LegalMatch
- Website type: Legal Services
- Founded: November 1999; 26 years ago
- Headquarters: Reno, Nevada, {{{location_country}}}
- Founders: Anna Ostrovsky Dmitry Shubov
- Key people: Dmitry Shubov (CEO) Kurt Jerdon (CFO) Ken LaMance (Secretary/Board of Directors) Yevgeniy Korablev (Board of Directors) Mary Therese Cabatingan (Board of Directors)
- Industry: Internet

= LegalMatch =

American online legal services company

LegalMatch is a private company headquartered in Reno, Nevada in the United States. It operates an online legal matching service where people submit a legal case and get responses including ratings and quotes from lawyers interested in their case. The service is free to use for those posting a case, while lawyers contract with LegalMatch to gain access to the leads generated. In addition to its headquarters, LegalMatch has offices in Las Vegas, Nevada and Austin, Texas.

==History==
The company was founded in 1999 by Anna Ostrovsky and Dmitri Shubov. LegalMatch started its online service in 2000 in San Francisco, California.

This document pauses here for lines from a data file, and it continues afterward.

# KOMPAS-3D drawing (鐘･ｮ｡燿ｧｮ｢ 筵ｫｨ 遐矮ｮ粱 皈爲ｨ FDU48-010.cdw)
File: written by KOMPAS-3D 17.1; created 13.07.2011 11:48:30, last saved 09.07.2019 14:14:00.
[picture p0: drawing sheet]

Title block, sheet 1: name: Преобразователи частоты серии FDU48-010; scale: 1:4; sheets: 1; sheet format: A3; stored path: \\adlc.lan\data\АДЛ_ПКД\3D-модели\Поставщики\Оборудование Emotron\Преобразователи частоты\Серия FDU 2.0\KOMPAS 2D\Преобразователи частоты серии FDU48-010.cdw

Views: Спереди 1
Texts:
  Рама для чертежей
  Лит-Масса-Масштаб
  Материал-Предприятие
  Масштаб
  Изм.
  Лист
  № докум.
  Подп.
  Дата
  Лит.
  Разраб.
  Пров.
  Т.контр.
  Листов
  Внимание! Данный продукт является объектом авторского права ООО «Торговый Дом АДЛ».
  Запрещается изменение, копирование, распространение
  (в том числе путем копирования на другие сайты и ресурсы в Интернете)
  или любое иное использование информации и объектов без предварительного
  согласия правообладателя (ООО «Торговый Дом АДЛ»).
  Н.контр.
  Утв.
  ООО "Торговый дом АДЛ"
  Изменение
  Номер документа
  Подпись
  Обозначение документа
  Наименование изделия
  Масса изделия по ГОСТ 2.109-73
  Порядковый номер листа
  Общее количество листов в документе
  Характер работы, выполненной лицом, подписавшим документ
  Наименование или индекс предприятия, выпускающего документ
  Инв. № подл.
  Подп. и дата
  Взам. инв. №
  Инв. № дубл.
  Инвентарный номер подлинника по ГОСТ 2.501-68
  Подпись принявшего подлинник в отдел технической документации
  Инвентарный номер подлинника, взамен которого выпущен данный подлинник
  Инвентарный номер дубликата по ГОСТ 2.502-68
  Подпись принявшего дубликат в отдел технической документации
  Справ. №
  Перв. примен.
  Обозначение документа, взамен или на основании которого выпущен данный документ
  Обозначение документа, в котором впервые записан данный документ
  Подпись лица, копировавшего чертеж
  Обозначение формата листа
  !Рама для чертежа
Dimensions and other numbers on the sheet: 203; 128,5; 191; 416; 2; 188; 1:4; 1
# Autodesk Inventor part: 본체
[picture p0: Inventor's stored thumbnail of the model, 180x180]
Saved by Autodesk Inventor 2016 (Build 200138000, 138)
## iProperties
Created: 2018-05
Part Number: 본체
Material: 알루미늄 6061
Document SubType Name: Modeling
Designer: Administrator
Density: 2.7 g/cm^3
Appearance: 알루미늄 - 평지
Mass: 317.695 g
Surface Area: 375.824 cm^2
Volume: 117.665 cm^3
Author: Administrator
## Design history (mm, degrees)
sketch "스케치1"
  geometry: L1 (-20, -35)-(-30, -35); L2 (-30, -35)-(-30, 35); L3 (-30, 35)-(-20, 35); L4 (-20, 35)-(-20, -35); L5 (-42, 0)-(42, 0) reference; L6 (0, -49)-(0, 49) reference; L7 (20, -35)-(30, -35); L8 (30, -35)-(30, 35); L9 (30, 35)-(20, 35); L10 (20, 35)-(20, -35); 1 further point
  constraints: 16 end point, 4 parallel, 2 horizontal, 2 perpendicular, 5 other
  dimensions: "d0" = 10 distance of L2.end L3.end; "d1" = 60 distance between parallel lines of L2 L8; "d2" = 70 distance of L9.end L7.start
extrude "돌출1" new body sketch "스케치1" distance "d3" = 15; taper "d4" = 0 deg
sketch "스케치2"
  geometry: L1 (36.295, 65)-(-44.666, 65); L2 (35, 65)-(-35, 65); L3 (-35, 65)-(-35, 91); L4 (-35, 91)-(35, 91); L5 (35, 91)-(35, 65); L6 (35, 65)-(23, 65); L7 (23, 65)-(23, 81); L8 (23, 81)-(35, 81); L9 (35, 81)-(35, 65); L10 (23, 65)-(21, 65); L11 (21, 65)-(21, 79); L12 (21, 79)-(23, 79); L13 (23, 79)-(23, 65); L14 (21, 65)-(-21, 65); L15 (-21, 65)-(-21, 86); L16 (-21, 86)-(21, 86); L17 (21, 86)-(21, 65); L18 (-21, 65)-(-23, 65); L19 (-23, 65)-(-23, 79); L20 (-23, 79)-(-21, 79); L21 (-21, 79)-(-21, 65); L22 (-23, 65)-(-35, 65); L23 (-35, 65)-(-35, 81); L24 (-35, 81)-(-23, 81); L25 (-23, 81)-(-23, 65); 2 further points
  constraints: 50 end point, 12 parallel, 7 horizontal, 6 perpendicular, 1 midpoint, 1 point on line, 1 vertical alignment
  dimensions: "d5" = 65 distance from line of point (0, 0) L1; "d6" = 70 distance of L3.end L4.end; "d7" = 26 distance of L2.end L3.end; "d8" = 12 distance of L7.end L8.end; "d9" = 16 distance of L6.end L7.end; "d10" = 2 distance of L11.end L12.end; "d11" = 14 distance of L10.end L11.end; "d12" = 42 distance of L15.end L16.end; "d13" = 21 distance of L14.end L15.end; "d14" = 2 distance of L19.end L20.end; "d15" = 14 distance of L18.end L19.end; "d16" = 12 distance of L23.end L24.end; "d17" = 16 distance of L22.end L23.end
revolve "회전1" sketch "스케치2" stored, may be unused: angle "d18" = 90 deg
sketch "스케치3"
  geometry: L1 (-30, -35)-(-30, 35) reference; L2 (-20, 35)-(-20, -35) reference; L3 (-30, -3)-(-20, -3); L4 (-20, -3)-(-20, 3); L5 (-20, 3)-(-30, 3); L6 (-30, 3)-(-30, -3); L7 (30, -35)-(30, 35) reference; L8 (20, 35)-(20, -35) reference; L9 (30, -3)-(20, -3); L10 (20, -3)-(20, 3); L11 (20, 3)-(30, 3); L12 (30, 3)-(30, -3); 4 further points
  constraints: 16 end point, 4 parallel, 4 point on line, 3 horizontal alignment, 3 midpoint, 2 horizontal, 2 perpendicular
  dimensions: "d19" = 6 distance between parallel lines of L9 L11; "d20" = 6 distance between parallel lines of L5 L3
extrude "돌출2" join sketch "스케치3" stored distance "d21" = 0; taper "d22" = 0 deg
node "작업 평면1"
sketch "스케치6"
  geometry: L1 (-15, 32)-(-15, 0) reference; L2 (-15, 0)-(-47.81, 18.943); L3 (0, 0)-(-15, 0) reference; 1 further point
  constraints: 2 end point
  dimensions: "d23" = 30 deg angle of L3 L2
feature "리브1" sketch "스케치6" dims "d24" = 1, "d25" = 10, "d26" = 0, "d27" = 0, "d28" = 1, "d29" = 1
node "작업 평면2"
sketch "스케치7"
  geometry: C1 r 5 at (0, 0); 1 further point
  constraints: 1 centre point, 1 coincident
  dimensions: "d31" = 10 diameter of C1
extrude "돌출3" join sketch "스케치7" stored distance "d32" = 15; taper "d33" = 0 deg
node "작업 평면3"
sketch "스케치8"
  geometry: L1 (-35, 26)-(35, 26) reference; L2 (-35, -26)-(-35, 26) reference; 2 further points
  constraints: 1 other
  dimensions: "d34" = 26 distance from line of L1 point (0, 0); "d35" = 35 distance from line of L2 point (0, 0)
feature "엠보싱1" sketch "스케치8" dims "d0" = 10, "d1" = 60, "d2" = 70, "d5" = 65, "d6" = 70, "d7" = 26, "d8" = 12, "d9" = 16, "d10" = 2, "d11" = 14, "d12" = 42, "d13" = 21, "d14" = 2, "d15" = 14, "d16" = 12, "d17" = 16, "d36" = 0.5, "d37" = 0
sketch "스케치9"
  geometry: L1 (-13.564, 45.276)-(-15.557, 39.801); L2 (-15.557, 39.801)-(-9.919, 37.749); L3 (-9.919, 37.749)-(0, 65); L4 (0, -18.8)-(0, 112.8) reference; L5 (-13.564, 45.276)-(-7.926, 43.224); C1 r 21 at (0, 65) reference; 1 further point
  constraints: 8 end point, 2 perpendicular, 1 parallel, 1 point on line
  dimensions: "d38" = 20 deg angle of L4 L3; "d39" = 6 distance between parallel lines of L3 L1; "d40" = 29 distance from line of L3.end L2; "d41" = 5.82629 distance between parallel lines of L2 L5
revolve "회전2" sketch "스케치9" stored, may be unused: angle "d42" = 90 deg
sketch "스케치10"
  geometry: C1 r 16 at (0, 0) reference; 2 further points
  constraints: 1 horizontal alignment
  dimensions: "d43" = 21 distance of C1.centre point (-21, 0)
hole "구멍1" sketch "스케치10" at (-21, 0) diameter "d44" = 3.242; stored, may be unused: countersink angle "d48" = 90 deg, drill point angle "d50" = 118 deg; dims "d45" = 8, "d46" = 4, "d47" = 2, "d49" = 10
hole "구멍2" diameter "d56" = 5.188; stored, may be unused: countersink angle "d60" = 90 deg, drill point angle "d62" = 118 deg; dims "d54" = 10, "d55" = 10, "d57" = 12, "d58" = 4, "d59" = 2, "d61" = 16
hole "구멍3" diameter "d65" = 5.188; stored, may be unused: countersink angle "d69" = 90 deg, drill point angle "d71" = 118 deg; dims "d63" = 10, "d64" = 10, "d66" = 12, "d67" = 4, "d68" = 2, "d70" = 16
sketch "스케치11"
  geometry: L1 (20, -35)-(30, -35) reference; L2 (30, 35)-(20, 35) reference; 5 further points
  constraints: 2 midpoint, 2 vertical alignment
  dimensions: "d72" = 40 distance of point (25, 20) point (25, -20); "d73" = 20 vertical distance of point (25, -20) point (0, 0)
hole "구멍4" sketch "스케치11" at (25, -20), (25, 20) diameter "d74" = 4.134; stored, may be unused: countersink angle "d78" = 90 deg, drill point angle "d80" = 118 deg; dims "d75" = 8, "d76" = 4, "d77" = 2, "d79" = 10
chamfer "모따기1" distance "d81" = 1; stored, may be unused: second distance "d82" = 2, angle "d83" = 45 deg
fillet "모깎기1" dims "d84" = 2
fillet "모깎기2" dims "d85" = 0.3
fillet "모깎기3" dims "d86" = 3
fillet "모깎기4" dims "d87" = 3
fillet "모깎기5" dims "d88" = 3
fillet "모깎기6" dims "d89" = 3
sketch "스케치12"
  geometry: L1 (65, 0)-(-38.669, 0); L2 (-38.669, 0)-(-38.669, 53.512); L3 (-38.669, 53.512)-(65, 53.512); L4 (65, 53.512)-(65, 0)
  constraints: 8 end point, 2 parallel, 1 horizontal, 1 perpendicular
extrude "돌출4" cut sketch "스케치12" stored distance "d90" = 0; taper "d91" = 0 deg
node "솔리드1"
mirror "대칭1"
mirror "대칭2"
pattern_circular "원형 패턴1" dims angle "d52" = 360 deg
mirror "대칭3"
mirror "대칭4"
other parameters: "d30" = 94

The service grew quickly, with website traffic increasing 300% in the first year after launch. In 2013, LegalMatch expanded its operations to include a facility in Reno, Nevada.

==Services==
Applicants are asked to complete a form describing their legal case on the LegalMatch website. LegalMatch then provides that information to attorneys that have both paid for registration with LegalMatch and match the specialization needed. The number of attorneys in each practice area within a specific geography are capped. After hiring an attorney, the client can write a review that will be posted to the lawyer's profile. In addition to providing free legal matching services to clients, LegalMatch provides informational content via an Online Law Library and Law Blog.

==Ethics rules==
A California appeals court determined that any attorney lead provider "directing a potential client to an attorney," including LegalMatch, was a lawyer referral service for the purposes of ethics rules for lawyers. LegalMatch California, a LegalMatch subsidiary, became officially certified as a California State Bar Certified Referral Service in September 2020 and is listed on the State Bar of California's website as an accredited lawyer referral service in all 58 California counties.